My interpretation of sections 8-10 of Mozilla's policy is #2.

> 2) All certificates with CA:TRUE must be disclosed except:
> - certificates that meet the technically constrained definition
> - certificates where the issuer is not required to be disclosed due to
> the previous line

https://www.mozilla.org/en-US/about/governance/policies/security-group/certs/policy/inclusion/
"8. All certificates that are capable of being used to issue new
certificates, and which directly or transitively chain to a certificate
included in Mozilla’s CA Certificate Program, MUST be operated in
accordance with Mozilla’s CA Certificate Policy and MUST either be
technically constrained or be publicly disclosed and audited."

And I think the BRs are in alignment with this.
"Technically Constrained Subordinate CA Certificate: A Subordinate CA
certificate which uses a combination of Extended Key Usage settings and
Name Constraint settings to limit the scope within which the Subordinate
CA Certificate may issue Subscriber or additional Subordinate CA
Certificates.
8.1. FREQUENCY OR CIRCUMSTANCES OF ASSESSMENT
Certificates that are capable of being used to issue new certificates
MUST either be Technically Constrained in line with section 7.1.5 and
audited in line with section 8.7 only, or Unconstrained and fully
audited in line with all remaining requirements from this section. A
Certificate is deemed as capable of being used to issue new certificates
if it contains an X.509v3 basicConstraints extension, with the cA
boolean set to true and is therefore by definition a Root CA Certificate
or a Subordinate CA Certificate."


Kathleen

[Kathleen Wilson]

Another thing to consider in updating the policy is in regards to test
certificates versus certificates issued to customers.
e.g. Does the disclosure need to happen before test certificates are
issued?
Or does the disclosure just need to happen before non-test certificates
are issued? (or certificates are issued to customers, or such)

Kathleen

[Peter Bowen]

On Mon, Dec 14, 2015 at 5:39 PM, Kathleen Wilson <kwi...@mozilla.com> wrote:
>
> Another thing to consider in updating the policy is in regards to test
> certificates versus certificates issued to customers.
> e.g. Does the disclosure need to happen before test certificates are issued?
> Or does the disclosure just need to happen before non-test certificates are
> issued? (or certificates are issued to customers, or such)

Kathleen,

There is no definition of "test certificate" so carving out a specific
exception for test certificates seems unworkable. That being said, it
would seem reasonable that one should be able to generate a keypair
for a new CA, cut a cross-certificate from an existing CA, and issue
the first certificate(s) in one ceremony. I don't think it is
reasonable to require a waiting period between key generation and
certificate issuance.

Therefore, I would revise my earlier recommendation, and suggest
placing a timeliness requirement on disclosure -- publicly disclose
within X days of first issuance.

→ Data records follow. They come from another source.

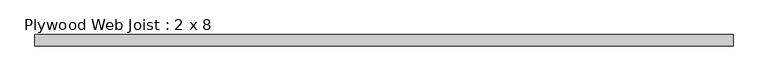
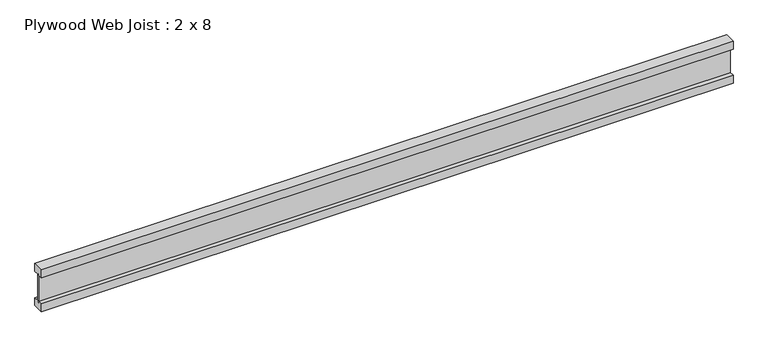
"""IFC4 building model written with IfcOpenShell, lengths in millimetres: beam geometry, Plywood Web Joist : 2 x 8."""

from ifc_helpers import new_model, si_unit, frame, origin, place, context, project, spatial, polyline, outline, extrude, source, transform, mapped, element, save


def plywood_web_joist_2_x_8_5f52603e(model_context):
    return source(origin(), model_context, "Body", "SweptSolid", [
        extrude(outline(polyline([(-25.4, 101.6), (25.4, 101.6), (25.4, 63.5), (4.7625, 63.5), (4.7625, 69.85), (-4.7625, 69.85), (-4.7625, 63.5), (-25.4, 63.5), (-25.4, 101.6)])), frame((-1584.325, 0.0, 0.0), z_axis=(1.0, 0.0, 0.0), x_axis=(0.0, 1.0, 0.0)), (0.0, 0.0, 1.0), 3168.65),
        extrude(outline(polyline([(25.4, -63.5), (25.4, -101.6), (-25.4, -101.6), (-25.4, -63.5), (-4.7625, -63.5), (-4.7625, -69.1160374), (4.7625, -69.1160374), (4.7625, -63.5), (25.4, -63.5)])), frame((-1584.325, 0.0, 0.0), z_axis=(1.0, 0.0, 0.0), x_axis=(0.0, 1.0, 0.0)), (0.0, 0.0, 1.0), 3168.65),
        extrude(outline(polyline([(1584.325, 4.7625), (1584.325, -4.7625), (-1584.325, -4.7625), (-1584.325, 4.7625), (1584.325, 4.7625)])), frame((0.0, 0.0, -69.1160374), z_axis=(0.0, 0.0, 1.0), x_axis=(1.0, 0.0, 0.0)), (0.0, 0.0, 1.0), 138.9660374),
    ])


if __name__ == "__main__":
    model = new_model("IFC4")
    model_context = context("Model", 3, world=origin())
    ifc_project = project(units=[si_unit("LENGTHUNIT", "METRE", prefix="MILLI")], contexts=[model_context])
    site = spatial("IfcSite", under=ifc_project)
    building = spatial("IfcBuilding", under=site)
    placement = place(None, origin())
    plywood_web_joist_2_x_8_shape = plywood_web_joist_2_x_8_5f52603e(model_context)
    element("IfcBeam", 1, ObjectType="Plywood Web Joist : 2 x 8", at=placement, inside=building, context=model_context, shape_type="MappedRepresentation", body=[
        mapped(plywood_web_joist_2_x_8_shape, transform((0.0, 0.0, 0.0), x_axis=(1.0, 0.0, 0.0), y_axis=(0.0, 1.0, 0.0), z_axis=(0.0, 0.0, 1.0))),
    ])
    save(model, "model.ifc")

# Revit data of these elements
# Type "Plywood Web Joist : 2 x 8"
#   Assembly Code = "B10"
#   Length [instance default] = 5' - 0"
#   b = 0' - 2"
#   d = 0' - 8"
#   Structural Material [instance default] = Softwood, Lumber
# Element 1 (IfcBeam, "Plywood Web Joist : 2 x 8")
#   Materials on its faces: "Softwood, Lumber"
# Materials
#   "Softwood, Lumber": class "Wood", colour RGB 144 113 62, transparency 0, Description = "Pinus Echinata", Cost = 0

If there is a strong interest in
pre-disclosure, then maybe allowing disclosure of the planned
Distinguished Name of the CA and applicable documents would be
appropriate with a supplementary disclosure of the public key after
generation.

Thanks,
Peter

[Charles Reiss]

I think, at least for externally operated subCAs, Mozilla should require
predisclosure. This would make it clear that the parent CA was committed to
disclosing the subCA. I'm sceptical of an 'X days after issuing' requirement to
provide similar assurance given that externally one can't generally distinguish
between a parent CA complicity issuing a series of short-lived subCAs until
something goes wrong and a parent CA being fooled into issuing a subCA that gets
abused very quickly.

Also, whatever timeline Mozilla provides for disclosure needs to avoid the
catch-22 when issuing a cross-certificate for an existing CA, for which first
issuance is many days before the subCA certificate is issued.